Fim de semana triste com a partida de Luiz Melodia. Extraordinário poeta, compositor e cantor. Contamos nos dedos as vezes em que as três qualidades se casam em uma única pessoa. Helio Muniz, um companheiro de batalha jornalística com quem não encontro há séculos, foi certa ocasião entrevistá-lo em sua casa na Gávea. Como parte da decoração da residência havia um quadro na parede com um barco em repouso. O detalhe é que o quadro se encontrava de cabeça para baixo. Excentricidades do grande e simpático artista que nos deixou. Nos últimos anos, tive a oportunidade de vê-lo em 2014 no Theatro Net soltando a voz poderosa de sempre amparada na guitarra do permanente parceiro Renato Piau e de um grupo de cordas. Chovia horrores e Melodia agradeceu modestamente por estarmos lá, como se precisasse. Seus shows eram sempre um convite irrecusável. Depois o vi também no teatro Rival, em 2015, com uma banda numerosa com o auxílio luxuoso de teclado, sopro e tudo mais a que tinha direito. Nos dois shows cantou as músicas do cd “Zerima” (anagrama de Mariza, nome da irmã do cantor, falecida poucos anos antes da gravação do disco), que ficou como sua última obra, e sacou números de sucesso do conhecido repertório que construiu ao longo de uma das mais interessantes carreira da MPB (“Ébano”, “Dores de Amores”, Congênito”, “Salve Linda Canção sem Esperança”). Arriscou uma inesperada releitura de “Parei… Olhei”, música de Rossini Pinto que ficou conhecida na voz de Roberto Carlos, e passou ainda “Loucura”, de Sérgio Sampaio, e “Maracangalha”, de Dorival Caymmi. Em ambos os shows não esqueceu das composições de seu mais famoso disco, “Pérola Negra”, de 1973, que está entre os álbuns favoritos de muitos.

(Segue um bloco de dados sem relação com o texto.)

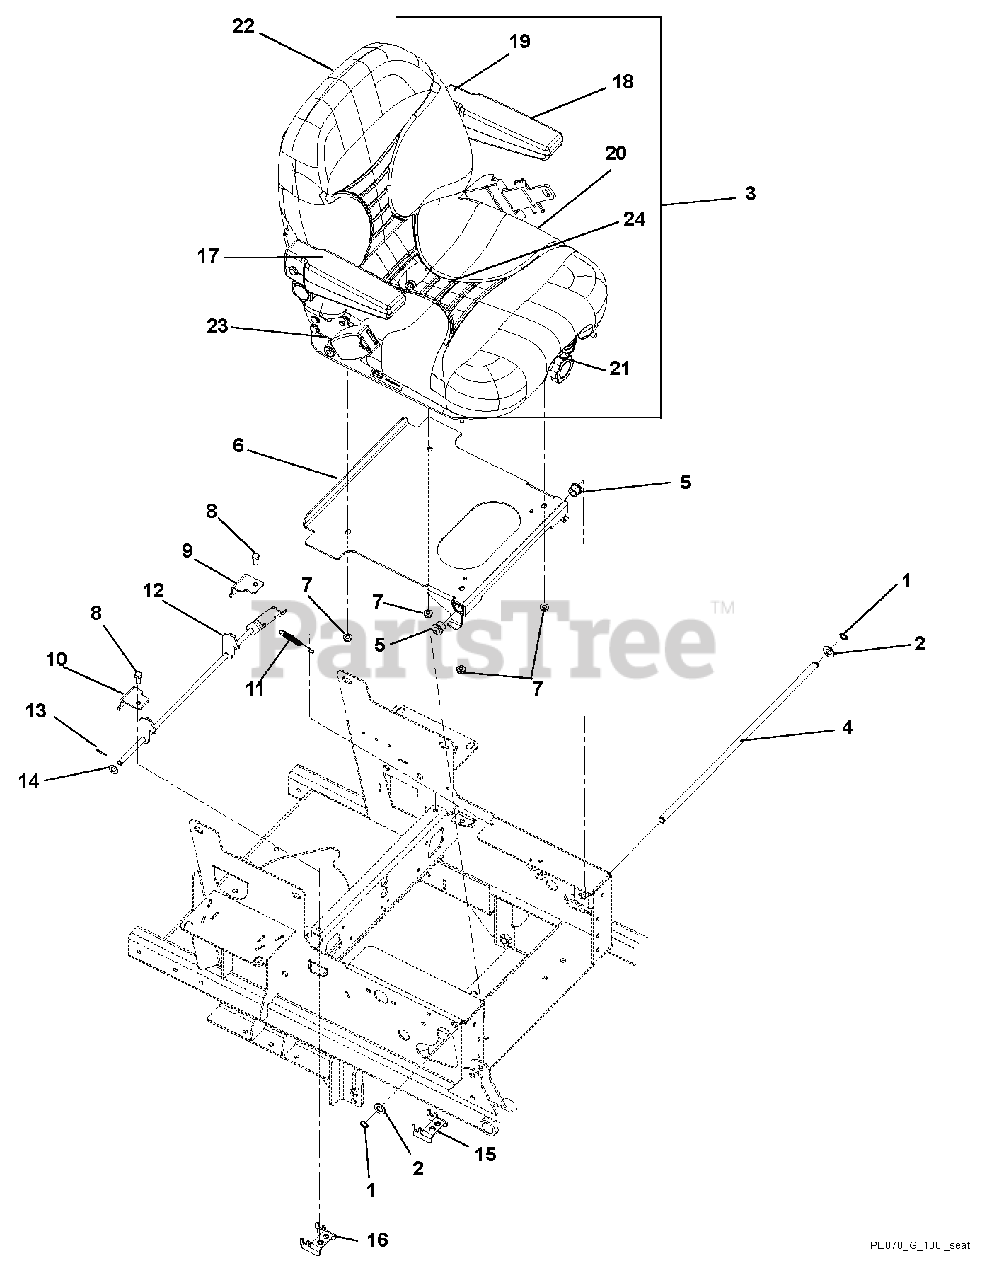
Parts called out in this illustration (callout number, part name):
1	Ring, Retaining External .500 x .050
2	Washer, Flat Steel .531 x 1.00 x .063
3	Seat, Suspension – with Belt, Light Gray
4	Shaft, 100I Seat Pivot
5	Bushing, Flange .516 x .750 x .625 x .937
6	Seat Plate Weldment
7	Nut, Locking Top Flange .31-18
8	Bolt, Hex .31-18 x .75
9	Pro-Turn 100 Left Hand Top Seat Latch Mount
10	Pro-Turn 100 Right Hand Top Seat Latch Mount
11	Spring, Tension .043 x .44 x 3.31
12	Pro-Turn 100 Seat Latch Weldment
13	Pin, Center .09 x .75 Extended Prong Square Cut
14	Washer, Flat Steel .406 x .812 x .065
15	Pro-Turn 100 Seat Latch Mount Weldment Right Hand
16	Pro-Turn 100 Seat Latch Mount Weldment Left Hand
17	Kit, Armrest Assembly Right Hand
18	Kit, Armrest Assembly Left Hand
19	Kit, Back Cushion, Light Grey
20	Kit, Seat Cushion, Light Grey
21	Kit, Seat Knobs
22	Kit, Seat Back
23	Kit, Seat Slides
24	Kit, Seat Spring and Saddle

Foram nossos últimos encontros.


Quando já se achava que o espírito da poesia de mimeógrafo estivesse morto, enterrado e esquecido para todo o sempre (sobretudo em tempos deste vórtice abdutor de almas conhecido como universo digital), eis que ele sorrateiramente retorna, e novamente com o aval de quem entende do assunto (a professora Heloisa Buarque de Hollanda) e com as bençãos do iniciador de tudo (o poeta Chacal). Todos sabem que Chacal vem instigando a garotada a transformar o que pensa, sente e tudo aquilo mais que estrebucha na agitada alma de nossa juvenília, em poesia, música e performance. Comanda o seu circo já se vão aí quase 30 anos na arena aberta às experimentações que é o palco do CEP 20000 na sala Sérgio Porto no Humaitá.

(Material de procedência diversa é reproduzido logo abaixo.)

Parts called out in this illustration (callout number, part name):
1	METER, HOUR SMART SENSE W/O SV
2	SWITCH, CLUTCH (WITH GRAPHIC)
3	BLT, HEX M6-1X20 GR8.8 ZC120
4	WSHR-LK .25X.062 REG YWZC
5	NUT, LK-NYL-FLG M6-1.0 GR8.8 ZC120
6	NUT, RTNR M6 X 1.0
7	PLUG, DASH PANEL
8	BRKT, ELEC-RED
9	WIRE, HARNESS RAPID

É por lá que Ana Fainguelernt (ou Ana Frango Elétrico para os que não têm familiaridade com sobrenomes do leste europeu; me lembrou o caso do Garrincha com o Fraldas na Copa de 1962; crianças, pesquisem) pluga sua guitarra e passa seu repertório que em breve chegará ao vinil, mais um suporte vintage que voltou para ser o novo-velho objeto de desejo cultural na era dos bytes. Vai ser uma coletânea que atenderá pelo título de “Xepa/Nata” e que no momento se encontra em processo de crowfunding aguardando a adesão de todos na Embolacha (XEPA/NATA crowdfunding). Antes que o disquinho dê o ar da graça, Ana oferece o relançamento do seu “Escoli o Z – Paralelismo Miúdo” (edição xerográfica da autora, 2016), que sai agora em capas multicoloridas. Participa ainda da reunião de novos poetas no volume 1 do “Caderno do CEP 20000”, produção rodada pelos próprios autores nas oficinas entre o low e o high tech do Colaboratório da UERJ.

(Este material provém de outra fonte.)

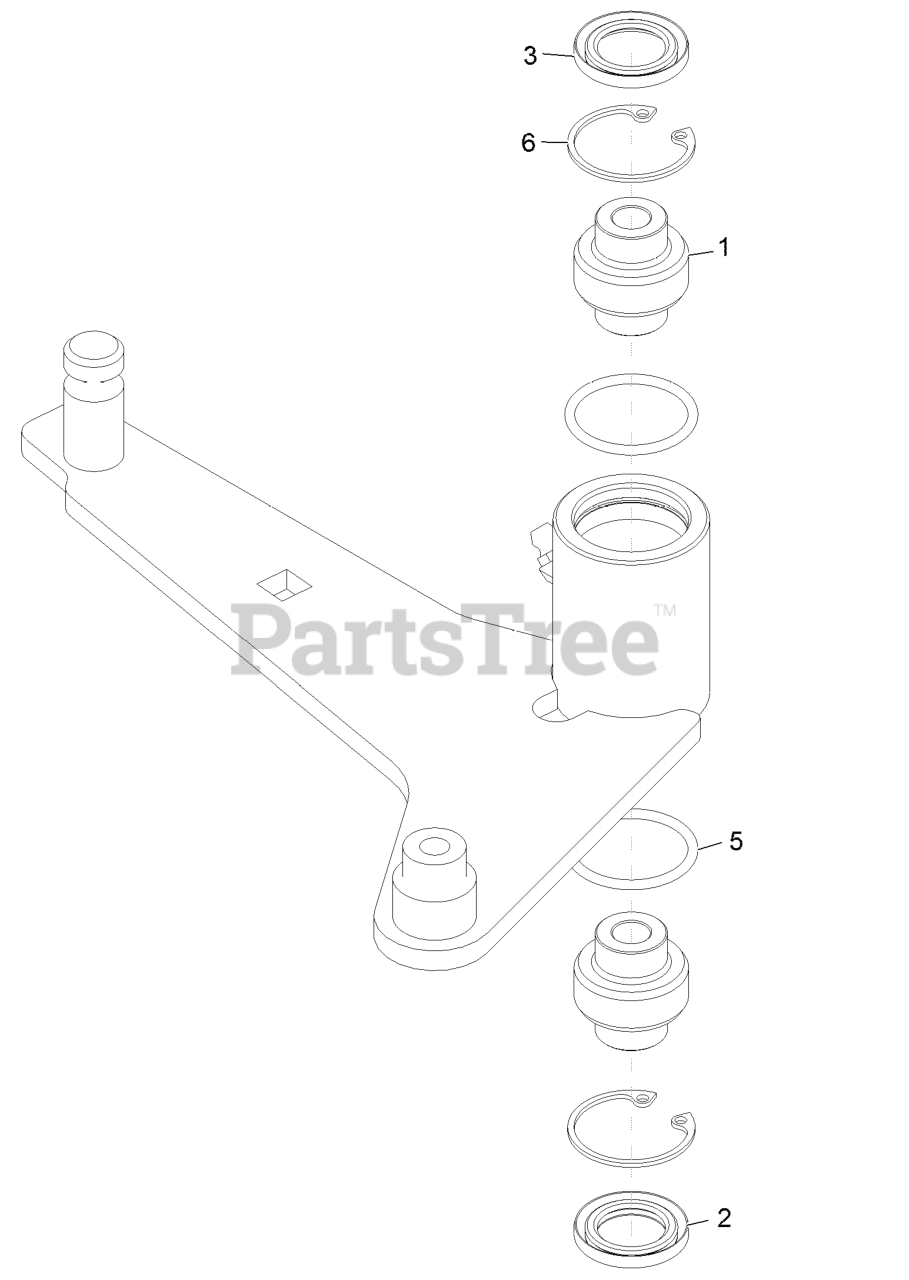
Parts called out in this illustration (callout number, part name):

Além de música e poesia, Anuska também exercita suas manhas nas artes plásticas, área em que é craque em arriscar traços de um primitivismo que só os desenhistas com talento conseguem realizar com desenvoltura. Como começou há pouco seus estudos na Escola de Belas Artes da UFRJ, pode seguir apostando em suas colagens enquanto afia seus pincéis, grafites, nanquins, para explorá-los em telas e suportes variados. Embora suas telas já tenham admiradores cativos. E é esse dom para as artes gráficas, coisa de quem puxou ao papai Mauro Fainguelernt, que faz com que o “Escoliose” venha com versos lindamente ilustrados.


Dentro da FLIP deste ano, nossa poetisa e artista plástica, que não pára, participa ainda da mesa “Páginas Anônimas: a Literatura que o Brasil Faz e Você Desconhece – Música”. A partir das 17h desta sexta-feira na Casa da Cultura de Paraty, em evento organizado pela Rede Globo. Ana estará muito à vontade entre os seus companheiros de batalha, dividindo mesa com a cantora de funk Blackyva (a black diva da Rocinha) e o inspirado compositor Matheus Torreão. Mediando o encontro, o crítico, escritor e roteirista Rodrigo Fonseca. Na sequência temos pocket show com os participantes.
Não custa nada sonhar com uma aposentadoria em grande estilo. A minha seria dedicada a correr as mais bonitas praias do globo contemplando bestamente a Liga dos Surfistas Profissionais. Enquanto isso não acontece, me contento em ver tudo com as transmissões da equipe super competente da WSL. Como as que acabaram de mostrar a briga pelo título do Corona Open na Baía de Jeffreys na África do Sul. Foi uma beleza de espetáculo com a coroação do português Frederico Morais e do brasileiro Filipe Toledo. Quando Morais subiu ao palanque para ser homenageado e receber seu troféu, com a bandeira de Portugal enrolada na cintura como uma saia, quase que me peguei a começar o “Cale-se de Alexandro e de Trajano/A fama das vitórias que tiveram/Que eu canto o peito ilustre Lusitano/A quem Neptuno e Marte obedeceram/Cesse tudo o que a Musa antiga canta,/Que outro valor mais alto se alevanta”. O estreante entre a elite do surfe mundial disse que estava se sentindo em casa, o que fez imaginar que Portugal talvez também tenha praias tão bonitas como as da Baía de Jeffreys. Nesta hora bateu aquela vontade de passar uns tempos na terrinha e encarei como mais do que acertada a decisão de alguns dos meus irmãos de se empenharem para conseguir a tal da cidadania lusa.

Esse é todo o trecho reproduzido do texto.